### AIM OF THE EXERCISE
Reproduce, word for word, every line starting at the line that contains "- Passend:49 [Mate]: 500586R:1" and ending with the final line of the entries.

ENTRIES SUPPLIED Start Marker

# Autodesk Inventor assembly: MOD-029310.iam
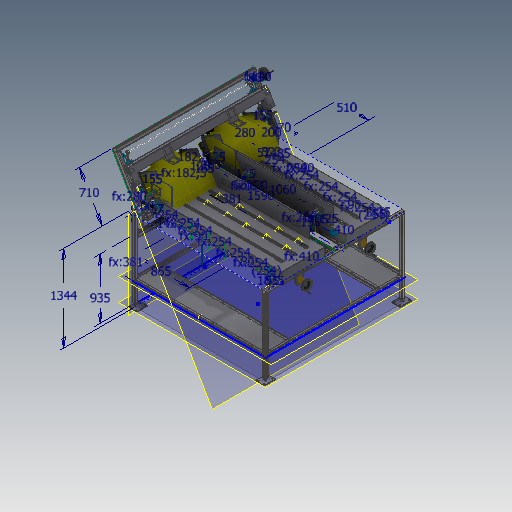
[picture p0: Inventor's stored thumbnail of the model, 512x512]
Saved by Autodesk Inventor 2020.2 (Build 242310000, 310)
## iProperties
Created: 2019-10
Part Number: MOD-029310.iam
Document SubType Name: Assembly
Designer: lutzd
Mass: 576257 g
Surface Area: 445992 cm^2
Volume: 104131 cm^3
Density: 5.53397 g/cm^3
VLDS_Profile: Default Assembly
VLDS_TimeStamp: 2016-07-29
VLDS_FailCnt: 0
VLDS_AcceptCnt: 0
Dimensions: 2423,5x1993,9x2729,7 mm
Mass: 576,257 kg
DocNumber: MOD-029310.iam
Folder: 01 - Themengebiete\Simplification\01 - Packaging machine\.\
VDS_Category: 3D Komponenten
VDS_NumSchm: Kein
Title: MOD-029310
Author: lutzd
Revision Number: -
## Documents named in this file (17)
- D:\07 - DEMODATEN\OTX 2019 - Dataset - UPDATE - Dez2019\Designs\07-Packing machine\MOD-029310.iam
- D:\07 - DEMODATEN\OTX 2019 - Dataset - UPDATE - Dez2019\Designs\07-Packing machine\500586R.iam
- D:\07 - DEMODATEN\OTX 2019 - Dataset - UPDATE - Dez2019\Designs\07-Packing machine\Parts\ADSK-011671.ipt
- D:\07 - DEMODATEN\OTX 2019 - Dataset - UPDATE - Dez2019\Designs\07-Packing machine\ADSK-014389.iam
- D:\07 - DEMODATEN\OTX 2019 - Dataset - UPDATE - Dez2019\Content Center Files\de-DE\DIN 125-1  B\DIN 125-1 - B 8,4.ipt
- D:\07 - DEMODATEN\OTX 2019 - Dataset - UPDATE - Dez2019\Content Center Files\de-DE\ISO 4762(2)\ISO 4762 - M8 x 25ISO.ipt
- D:\07 - DEMODATEN\OTX 2019 - Dataset - UPDATE - Dez2019\Designs\07-Packing machine\SUB-229310.iam
- D:\07 - DEMODATEN\OTX 2019 - Dataset - UPDATE - Dez2019\Content Center Files\de-DE\ISO 4762(2)\ISO 4762 - M8 x 16ISO.ipt
- D:\07 - DEMODATEN\OTX 2019 - Dataset - UPDATE - Dez2019\Designs\07-Packing machine\SUB-239310.iam
- D:\07 - DEMODATEN\OTX 2019 - Dataset - UPDATE - Dez2019\Designs\07-Packing machine\SUB-279310.iam
- D:\07 - DEMODATEN\OTX 2019 - Dataset - UPDATE - Dez2019\Content Center Files\de-DE\ISO 4762(2)\ISO 4762 - M8 x 20ISO.ipt
- D:\07 - DEMODATEN\OTX 2019 - Dataset - UPDATE - Dez2019\Designs\07-Packing machine\SUB-299310.iam
- D:\07 - DEMODATEN\OTX 2019 - Dataset - UPDATE - Dez2019\Designs\07-Packing machine\SUB-269310.iam
- D:\07 - DEMODATEN\OTX 2019 - Dataset - UPDATE - Dez2019\Designs\07-Packing machine\500652R.iam
- D:\07 - DEMODATEN\OTX 2019 - Dataset - UPDATE - Dez2019\Designs\07-Packing machine\500652L.iam
- D:\07 - DEMODATEN\OTX 2019 - Dataset - UPDATE - Dez2019\Designs\07-Packing machine\SUB-259310.iam
- D:\07 - DEMODATEN\OTX 2019 - Dataset - UPDATE - Dez2019\Designs\07-Packing machine\Parts\ADSK-014502.ipt
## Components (534 placed, 16 different names)
1. 500586R:1 [sub-assembly] — Passend:49, Fluchtend:4, Passend:58, Passend:59, Fluchtend:5, Fluchtend:6, Fluchtend:7, Passend:60, Passend:141, Passend:143, Fluchtend:8, Fluchtend:9, Passend:161, Passend:174, Fluchtend:10, Passend:272, Passend:289, Passend:290, Passend:295, Fluchtend:293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
2. ADSK-011671:1
3. ADSK-011671:2
4. ADSK-014389:1 [sub-assembly] — Passend:48, Passend:49, Fluchtend:4, Passend:51, Passend:53, Passend:55, Passend:57, Passend:391, Fluchtend:393
5. SUB-229310:1 [sub-assembly] — Passend:58, Fluchtend:5, Fluchtend:7, Passend:145, Passend:147, Passend:149, Passend:151
6. SUB-229310:2 [sub-assembly] — Passend:59, Fluchtend:6, Passend:60, Passend:62, Passend:64, Passend:66, Passend:68, Passend:70, Passend:72, Passend:74, Passend:76, Passend:78, Passend:80, Passend:82, Passend:84, Passend:86, Passend:88, Passend:90, Passend:92, Passend:110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
7. SUB-239310:1 [sub-assembly] — Passend:141, Passend:143, Fluchtend:8, Passend:169, Passend:171, Passend:173, Passend:176, Passend:178, Passend:180, Passend:182, Passend:184, Passend:186, Passend:188, Passend:190, Passend:240, Passend:242, Passend:260, Passend:262, Fluchtend:298, Passend:385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
8. SUB-279310:1 [sub-assembly] — Fluchtend:9, Passend:161, Passend:163, Passend:165, Passend:167, Passend:174, Passend:192, Passend:194, Passend:196, Passend:198, Passend:200, Passend:202, Passend:204, Passend:206, Passend:244, Passend:246, Passend:256, Passend:258, Passend:271, Fluchtend:389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
9. SUB-299310:1 [sub-assembly] — Passend:271, Fluchtend:10, Passend:272, Passend:274, Passend:276, Passend:278, Passend:280, Passend:282, Passend:284
10. SUB-269310:1 [sub-assembly] — Passend:289, Fluchtend:292, Passend:290, Passend:292, Passend:294, Passend:296, Passend:299
11. 500652R:1 [sub-assembly] — Passend:295, Fluchtend:293, Passend:296, Fluchtend:390
12. 500652L:1 [sub-assembly] — Passend:297, Passend:298, Passend:299, Fluchtend:299
13. SUB-259310:1 [sub-assembly] — Fluchtend:294, Passend:390, Fluchtend:295, Fluchtend:391, Passend:301, Passend:303, Passend:305, Passend:307, Passend:309, Passend:311, Passend:313, Passend:315, Passend:317, Passend:319, Passend:321, Passend:323, Passend:325, Passend:327, Passend:329, Passend:331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
14. ADSK-014502:307 — Fluchtend:392, Passend:391, Fluchtend:393
15. DIN 125-1 B B 8,4:85 — Passend:377, Passend:379
16. DIN 125-1 B B 8,4:86
17. DIN 125-1 B B 8,4:87
18. DIN 125-1 B B 8,4:88
19. DIN 125-1 B B 8,4:89 — Passend:301, Passend:361, Passend:363, Passend:365, Passend:367
20. DIN 125-1 B B 8,4:90 — Passend:303
21. DIN 125-1 B B 8,4:91 — Passend:305
22. DIN 125-1 B B 8,4:92 — Passend:307
23. DIN 125-1 B B 8,4:93 — Passend:309, Passend:369, Passend:371, Passend:373, Passend:375
24. DIN 125-1 B B 8,4:94 — Passend:311
25. DIN 125-1 B B 8,4:95 — Passend:313
26. DIN 125-1 B B 8,4:96 — Passend:315
27. DIN 125-1 B B 8,4:97
28. DIN 125-1 B B 8,4:98
29. DIN 125-1 B B 8,4:99 — Passend:317
30. DIN 125-1 B B 8,4:100 — Passend:319, Passend:353, Passend:355, Passend:357, Passend:359
31. DIN 125-1 B B 8,4:101 — Passend:321
32. DIN 125-1 B B 8,4:102 — Passend:323
33. DIN 125-1 B B 8,4:103 — Passend:325
34. DIN 125-1 B B 8,4:104 — Passend:327
35. DIN 125-1 B B 8,4:105 — Passend:329
36. DIN 125-1 B B 8,4:106 — Passend:331
37. DIN 125-1 B B 8,4:107 — Passend:333
38. DIN 125-1 B B 8,4:108 — Passend:335
39. DIN 125-1 B B 8,4:109 — Passend:337
40. DIN 125-1 B B 8,4:110 — Passend:339, Passend:341, Passend:343, Passend:345, Passend:351
41. ISO 4762 M8 x 20:11 — Passend:341
42. ISO 4762 M8 x 20:12 — Passend:343
43. ISO 4762 M8 x 20:13 — Passend:345
44. ISO 4762 M8 x 20:16 — Passend:351
45. ISO 4762 M8 x 25:29
46. ISO 4762 M8 x 25:30
47. ISO 4762 M8 x 20:17 — Passend:353
48. ISO 4762 M8 x 20:18 — Passend:355
49. ISO 4762 M8 x 20:19 — Passend:357
50. ISO 4762 M8 x 20:20 — Passend:359
51. ISO 4762 M8 x 25:31
52. ISO 4762 M8 x 25:32
53. ISO 4762 M8 x 20:21 — Passend:361
54. ISO 4762 M8 x 20:22 — Passend:363
55. ISO 4762 M8 x 20:23 — Passend:365
56. ISO 4762 M8 x 20:24 — Passend:367
57. ISO 4762 M8 x 16:51 — Passend:369
58. ISO 4762 M8 x 16:52 — Passend:371
59. ISO 4762 M8 x 16:53 — Passend:373
60. ISO 4762 M8 x 16:54 — Passend:375
61. ISO 4762 M8 x 16:55 — Passend:377
62. ISO 4762 M8 x 16:56 — Passend:379
63. DIN 125-1 B B 8,4:69
64. DIN 125-1 B B 8,4:70
65. DIN 125-1 B B 8,4:71
66. DIN 125-1 B B 8,4:72
67. DIN 125-1 B B 8,4:73
68. DIN 125-1 B B 8,4:74
69. DIN 125-1 B B 8,4:75 — Passend:292
70. DIN 125-1 B B 8,4:76 — Passend:294
71. DIN 125-1 B B 8,4:77
72. DIN 125-1 B B 8,4:78
73. DIN 125-1 B B 8,4:79
74. DIN 125-1 B B 8,4:80
75. DIN 125-1 B B 8,4:81
76. DIN 125-1 B B 8,4:82
77. DIN 125-1 B B 8,4:83
78. DIN 125-1 B B 8,4:84
79. ISO 4762 M8 x 25:13
80. ISO 4762 M8 x 25:14
81. ISO 4762 M8 x 25:15
82. ISO 4762 M8 x 25:16
83. ISO 4762 M8 x 25:17
84. ISO 4762 M8 x 25:18
85. ISO 4762 M8 x 25:19
86. ISO 4762 M8 x 25:20
87. ISO 4762 M8 x 25:21
88. ISO 4762 M8 x 25:22
89. ISO 4762 M8 x 25:23
90. ISO 4762 M8 x 25:24
91. ISO 4762 M8 x 25:25
92. ISO 4762 M8 x 25:26
93. ISO 4762 M8 x 25:27
94. ISO 4762 M8 x 25:28
95. DIN 125-1 B B 8,4:63 — Passend:274
96. DIN 125-1 B B 8,4:64 — Passend:276
97. DIN 125-1 B B 8,4:65 — Passend:278
98. DIN 125-1 B B 8,4:66 — Passend:280
99. DIN 125-1 B B 8,4:67 — Passend:282, Passend:286, Passend:288
100. DIN 125-1 B B 8,4:68 — Passend:284
101. ISO 4762 M8 x 20:5 — Passend:286
102. ISO 4762 M8 x 20:6 — Passend:288
103. ISO 4762 M8 x 20:7
104. ISO 4762 M8 x 20:8
105. ISO 4762 M8 x 20:9
106. ISO 4762 M8 x 20:10
107. DIN 125-1 B B 8,4:59 — Passend:256
108. DIN 125-1 B B 8,4:60 — Passend:258, Passend:268, Passend:270
109. DIN 125-1 B B 8,4:61 — Passend:260, Passend:264, Passend:266
110. DIN 125-1 B B 8,4:62 — Passend:262
111. ISO 4762 M8 x 16:47 — Passend:264
112. ISO 4762 M8 x 16:48 — Passend:266
113. ISO 4762 M8 x 16:49 — Passend:268
114. ISO 4762 M8 x 16:50 — Passend:270
115. DIN 125-1 B B 8,4:55 — Passend:240
116. DIN 125-1 B B 8,4:56 — Passend:242, Passend:252, Passend:254
117. DIN 125-1 B B 8,4:57 — Passend:244, Passend:248, Passend:250
118. DIN 125-1 B B 8,4:58 — Passend:246
119. ISO 4762 M8 x 20:1 — Passend:248
120. ISO 4762 M8 x 20:2 — Passend:250
121. ISO 4762 M8 x 20:3 — Passend:252
122. ISO 4762 M8 x 20:4 — Passend:254
123. DIN 125-1 B B 8,4:33 — Passend:163
124. DIN 125-1 B B 8,4:34 — Passend:165
125. DIN 125-1 B B 8,4:35 — Passend:167
126. DIN 125-1 B B 8,4:36 — Passend:169
127. DIN 125-1 B B 8,4:37 — Passend:171
128. DIN 125-1 B B 8,4:38 — Passend:173
129. ISO 4762 M8 x 16:25
130. ISO 4762 M8 x 16:26
131. ISO 4762 M8 x 16:27
132. ISO 4762 M8 x 16:28
133. ISO 4762 M8 x 16:29
134. ISO 4762 M8 x 16:30
135. DIN 125-1 B B 8,4:39 — Passend:176
136. DIN 125-1 B B 8,4:40 — Passend:178
137. DIN 125-1 B B 8,4:41 — Passend:180
138. DIN 125-1 B B 8,4:42 — Passend:182
139. DIN 125-1 B B 8,4:43 — Passend:184, Passend:208, Passend:210, Passend:212, Passend:214, Passend:216, Passend:218, Passend:220, Passend:222
140. DIN 125-1 B B 8,4:44 — Passend:186
141. DIN 125-1 B B 8,4:45 — Passend:188
142. DIN 125-1 B B 8,4:46 — Passend:190
143. DIN 125-1 B B 8,4:47 — Passend:192, Passend:224, Passend:226, Passend:228, Passend:230, Passend:232, Passend:234, Passend:236, Passend:238
144. DIN 125-1 B B 8,4:48 — Passend:194
145. DIN 125-1 B B 8,4:49 — Passend:196
146. DIN 125-1 B B 8,4:50 — Passend:198
147. DIN 125-1 B B 8,4:51 — Passend:200
148. DIN 125-1 B B 8,4:52 — Passend:202
149. DIN 125-1 B B 8,4:53 — Passend:204
150. DIN 125-1 B B 8,4:54 — Passend:206
151. ISO 4762 M8 x 16:31 — Passend:208
152. ISO 4762 M8 x 16:32 — Passend:210
153. ISO 4762 M8 x 16:33 — Passend:212
154. ISO 4762 M8 x 16:34 — Passend:214
155. ISO 4762 M8 x 16:35 — Passend:216
156. ISO 4762 M8 x 16:36 — Passend:218
157. ISO 4762 M8 x 16:37 — Passend:220
158. ISO 4762 M8 x 16:38 — Passend:222
159. ISO 4762 M8 x 16:39 — Passend:224
160. ISO 4762 M8 x 16:40 — Passend:226
161. ISO 4762 M8 x 16:41 — Passend:228
162. ISO 4762 M8 x 16:42 — Passend:230
163. ISO 4762 M8 x 16:43 — Passend:232
164. ISO 4762 M8 x 16:44 — Passend:234
165. ISO 4762 M8 x 16:45 — Passend:236
166. ISO 4762 M8 x 16:46 — Passend:238
167. DIN 125-1 B B 8,4:29 — Passend:145, Passend:153, Passend:155, Passend:157, Passend:159
168. DIN 125-1 B B 8,4:30 — Passend:147
169. DIN 125-1 B B 8,4:31 — Passend:149
170. DIN 125-1 B B 8,4:32 — Passend:151
171. ISO 4762 M8 x 16:21 — Passend:153
172. ISO 4762 M8 x 16:22 — Passend:155
173. ISO 4762 M8 x 16:23 — Passend:157
174. ISO 4762 M8 x 16:24 — Passend:159
175. ISO 4762 M8 x 16:17 — Passend:134
176. ISO 4762 M8 x 16:18 — Passend:136
177. ISO 4762 M8 x 16:19 — Passend:138
178. ISO 4762 M8 x 16:20 — Passend:140
179. ISO 4762 M8 x 16:6 — Passend:112
180. ISO 4762 M8 x 16:7 — Passend:114
181. ISO 4762 M8 x 16:8 — Passend:116
182. ISO 4762 M8 x 16:9 — Passend:118
183. ISO 4762 M8 x 16:10 — Passend:120
184. ISO 4762 M8 x 16:11 — Passend:122
185. ISO 4762 M8 x 16:12 — Passend:124
186. ISO 4762 M8 x 16:13 — Passend:126
187. ISO 4762 M8 x 16:14 — Passend:128
188. ISO 4762 M8 x 16:15 — Passend:130
189. ISO 4762 M8 x 16:16 — Passend:132
190. DIN 125-1 B B 8,4:20 — Passend:76
191. DIN 125-1 B B 8,4:21 — Passend:78
192. DIN 125-1 B B 8,4:22 — Passend:80
193. DIN 125-1 B B 8,4:23 — Passend:82
194. DIN 125-1 B B 8,4:24 — Passend:84
195. DIN 125-1 B B 8,4:25 — Passend:86
196. DIN 125-1 B B 8,4:26 — Passend:88
197. DIN 125-1 B B 8,4:27 — Passend:90
198. DIN 125-1 B B 8,4:28 — Passend:92
199. ISO 4762 M8 x 16:5 — Passend:110
200. DIN 125-1 B B 8,4:13 — Passend:62
201. DIN 125-1 B B 8,4:14 — Passend:64
202. DIN 125-1 B B 8,4:15 — Passend:66
203. DIN 125-1 B B 8,4:16 — Passend:68
204. DIN 125-1 B B 8,4:17 — Passend:70
205. DIN 125-1 B B 8,4:18 — Passend:72
206. DIN 125-1 B B 8,4:19 — Passend:74
207. DIN 125-1 B B 8,4:1 — Passend:51
208. DIN 125-1 B B 8,4:2 — Passend:53
209. DIN 125-1 B B 8,4:3 — Passend:55
210. DIN 125-1 B B 8,4:4 — Passend:57
211. DIN 125-1 B B 8,4:5
212. DIN 125-1 B B 8,4:6
213. DIN 125-1 B B 8,4:7
214. DIN 125-1 B B 8,4:8
215. DIN 125-1 B B 8,4:9
216. DIN 125-1 B B 8,4:10
217. DIN 125-1 B B 8,4:11
218. DIN 125-1 B B 8,4:12
219. ISO 4762 M8 x 25:1
220. ISO 4762 M8 x 25:2
221. ISO 4762 M8 x 25:3
222. ISO 4762 M8 x 25:4
223. ISO 4762 M8 x 25:5
224. ISO 4762 M8 x 25:6
225. ISO 4762 M8 x 25:7
226. ISO 4762 M8 x 25:8
227. ISO 4762 M8 x 25:9
228. ISO 4762 M8 x 25:10
229. ISO 4762 M8 x 25:11
230. ISO 4762 M8 x 25:12
231. ADSK-014502:1 [sub-assembly] — Fluchtend:389, Passend:381, Fluchtend:390
232. ADSK-014502:153 [sub-assembly] — Fluchtend:298, Fluchtend:299, Passend:385
233. ADSK-014502:305
234. ADSK-014502:306
235. ADSK-014502:3 [sub-assembly]
236. ADSK-014502:155 [sub-assembly]
237. ADSK-014502:4 [sub-assembly]
238. ADSK-014502:156 [sub-assembly]
239. ADSK-014502:5 [sub-assembly]
240. ADSK-014502:157 [sub-assembly]
241. ADSK-014502:6 [sub-assembly]
242. ADSK-014502:158 [sub-assembly]
243. ADSK-014502:7 [sub-assembly]
244. ADSK-014502:159 [sub-assembly]
245. ADSK-014502:8 [sub-assembly]
246. ADSK-014502:160 [sub-assembly]
247. ADSK-014502:9 [sub-assembly]
248. ADSK-014502:161 [sub-assembly]
249. ADSK-014502:10 [sub-assembly]
250. ADSK-014502:162 [sub-assembly]
251. ADSK-014502:11 [sub-assembly]
252. ADSK-014502:163 [sub-assembly]
253. ADSK-014502:12 [sub-assembly]
254. ADSK-014502:164 [sub-assembly]
255. ADSK-014502:13 [sub-assembly]
256. ADSK-014502:165 [sub-assembly]
257. ADSK-014502:14 [sub-assembly]
258. ADSK-014502:166 [sub-assembly]
259. ADSK-014502:15 [sub-assembly]
260. ADSK-014502:167 [sub-assembly]
261. ADSK-014502:16 [sub-assembly]
262. ADSK-014502:168 [sub-assembly]
263. ADSK-014502:17 [sub-assembly]
264. ADSK-014502:169 [sub-assembly]
265. ADSK-014502:18 [sub-assembly]
266. ADSK-014502:170 [sub-assembly]
267. ADSK-014502:19 [sub-assembly]
268. ADSK-014502:171 [sub-assembly]
269. ADSK-014502:20 [sub-assembly]
270. ADSK-014502:172 [sub-assembly]
271. ADSK-014502:21 [sub-assembly]
272. ADSK-014502:173 [sub-assembly]
273. ADSK-014502:22 [sub-assembly]
274. ADSK-014502:174 [sub-assembly]
275. ADSK-014502:23 [sub-assembly]
276. ADSK-014502:175 [sub-assembly]
277. ADSK-014502:24 [sub-assembly]
278. ADSK-014502:176 [sub-assembly]
279. ADSK-014502:25 [sub-assembly]
280. ADSK-014502:177 [sub-assembly]
281. ADSK-014502:26 [sub-assembly]
282. ADSK-014502:178 [sub-assembly]
283. ADSK-014502:27 [sub-assembly]
284. ADSK-014502:179 [sub-assembly]
285. ADSK-014502:28 [sub-assembly]
286. ADSK-014502:180 [sub-assembly]
287. ADSK-014502:29 [sub-assembly]
288. ADSK-014502:181 [sub-assembly]
289. ADSK-014502:30 [sub-assembly]
290. ADSK-014502:182 [sub-assembly]
291. ADSK-014502:31 [sub-assembly]
292. ADSK-014502:183 [sub-assembly]
293. ADSK-014502:32 [sub-assembly]
294. ADSK-014502:184 [sub-assembly]
295. ADSK-014502:33 [sub-assembly]
296. ADSK-014502:185 [sub-assembly]
297. ADSK-014502:34 [sub-assembly]
298. ADSK-014502:186 [sub-assembly]
299. ADSK-014502:35 [sub-assembly]
300. ADSK-014502:187 [sub-assembly]
301. ADSK-014502:36 [sub-assembly]
302. ADSK-014502:188 [sub-assembly]
303. ADSK-014502:37 [sub-assembly]
304. ADSK-014502:189 [sub-assembly]
305. ADSK-014502:38 [sub-assembly]
306. ADSK-014502:190 [sub-assembly]
307. ADSK-014502:39 [sub-assembly]
308. ADSK-014502:191 [sub-assembly]
309. ADSK-014502:40 [sub-assembly]
310. ADSK-014502:192 [sub-assembly]
311. ADSK-014502:41 [sub-assembly]
312. ADSK-014502:193 [sub-assembly]
313. ADSK-014502:42 [sub-assembly]
314. ADSK-014502:194 [sub-assembly]
315. ADSK-014502:43 [sub-assembly]
316. ADSK-014502:195 [sub-assembly]
317. ADSK-014502:44 [sub-assembly]
318. ADSK-014502:196 [sub-assembly]
319. ADSK-014502:45 [sub-assembly]
320. ADSK-014502:197 [sub-assembly]
321. ADSK-014502:46 [sub-assembly]
322. ADSK-014502:198 [sub-assembly]
323. ADSK-014502:47 [sub-assembly]
324. ADSK-014502:199 [sub-assembly]
325. ADSK-014502:48 [sub-assembly]
326. ADSK-014502:200 [sub-assembly]
327. ADSK-014502:49 [sub-assembly]
328. ADSK-014502:201 [sub-assembly]
329. ADSK-014502:50 [sub-assembly]
330. ADSK-014502:202 [sub-assembly]
331. ADSK-014502:51 [sub-assembly]
332. ADSK-014502:203 [sub-assembly]
333. ADSK-014502:52 [sub-assembly] — Passend:384
334. ADSK-014502:204 [sub-assembly] — Passend:386, Passend:389
335. ADSK-014502:53 [sub-assembly] — Passend:382, Passend:383, Passend:384
336. ADSK-014502:205 [sub-assembly] — Passend:386, Fluchtend:388, Passend:387, Passend:388, Passend:389
337. ADSK-014502:54 [sub-assembly]
338. ADSK-014502:206 [sub-assembly]
339. ADSK-014502:55 [sub-assembly]
340. ADSK-014502:207 [sub-assembly]
341. ADSK-014502:56 [sub-assembly]
342. ADSK-014502:208 [sub-assembly]
343. ADSK-014502:57 [sub-assembly]
344. ADSK-014502:209 [sub-assembly]
345. ADSK-014502:58 [sub-assembly]
346. ADSK-014502:210 [sub-assembly]
347. ADSK-014502:59 [sub-assembly]
348. ADSK-014502:211 [sub-assembly]
349. ADSK-014502:60 [sub-assembly]
350. ADSK-014502:212 [sub-assembly]
351. ADSK-014502:61 [sub-assembly]
352. ADSK-014502:213 [sub-assembly]
353. ADSK-014502:62 [sub-assembly]
354. ADSK-014502:214 [sub-assembly]
355. ADSK-014502:63 [sub-assembly]
356. ADSK-014502:215 [sub-assembly]
357. ADSK-014502:64 [sub-assembly]
358. ADSK-014502:216 [sub-assembly]
359. ADSK-014502:65 [sub-assembly]
360. ADSK-014502:217 [sub-assembly]
361. ADSK-014502:66 [sub-assembly]
362. ADSK-014502:218 [sub-assembly]
363. ADSK-014502:67 [sub-assembly]
364. ADSK-014502:219 [sub-assembly]
365. ADSK-014502:68 [sub-assembly]
366. ADSK-014502:220 [sub-assembly]
367. ADSK-014502:69 [sub-assembly]
368. ADSK-014502:221 [sub-assembly]
369. ADSK-014502:70 [sub-assembly]
370. ADSK-014502:222 [sub-assembly]
371. ADSK-014502:71 [sub-assembly]
372. ADSK-014502:223 [sub-assembly]
373. ADSK-014502:72 [sub-assembly]
374. ADSK-014502:224 [sub-assembly]
375. ADSK-014502:73 [sub-assembly]
376. ADSK-014502:225 [sub-assembly]
377. ADSK-014502:74 [sub-assembly]
378. ADSK-014502:226 [sub-assembly]
379. ADSK-014502:75 [sub-assembly]
380. ADSK-014502:227 [sub-assembly]
381. ADSK-014502:76 [sub-assembly]
382. ADSK-014502:228 [sub-assembly]
383. ADSK-014502:77 [sub-assembly]
384. ADSK-014502:229 [sub-assembly]
385. ADSK-014502:78 [sub-assembly]
386. ADSK-014502:230 [sub-assembly]
387. ADSK-014502:79 [sub-assembly]
388. ADSK-014502:231 [sub-assembly]
389. ADSK-014502:80 [sub-assembly]
390. ADSK-014502:232 [sub-assembly]
391. ADSK-014502:81 [sub-assembly]
392. ADSK-014502:233 [sub-assembly]
393. ADSK-014502:82 [sub-assembly]
394. ADSK-014502:234 [sub-assembly]
395. ADSK-014502:83 [sub-assembly]
396. ADSK-014502:235 [sub-assembly]
397. ADSK-014502:84 [sub-assembly]
398. ADSK-014502:236 [sub-assembly]
399. ADSK-014502:85 [sub-assembly]
400. ADSK-014502:237 [sub-assembly]
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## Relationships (194: Mate 175, Flush 19)
- Passend:48 [Mate]: ADSK-014389:1
- Passend:49 [Mate]: 500586R:1 ↔ ADSK-014389:1
- Fluchtend:4 [Flush]: 500586R:1 ↔ ADSK-014389:1
- Passend:51 [Mate]: ADSK-014389:1 ↔ DIN 125-1 B B 8,4:1
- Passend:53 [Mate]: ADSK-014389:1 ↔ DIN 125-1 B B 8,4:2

ENTRIES SUPPLIED End Marker

### TASK ANSWER
- Passend:49 [Mate]: 500586R:1 ↔ ADSK-014389:1
- Fluchtend:4 [Flush]: 500586R:1 ↔ ADSK-014389:1
- Passend:51 [Mate]: ADSK-014389:1 ↔ DIN 125-1 B B 8,4:1
- Passend:53 [Mate]: ADSK-014389:1 ↔ DIN 125-1 B B 8,4:2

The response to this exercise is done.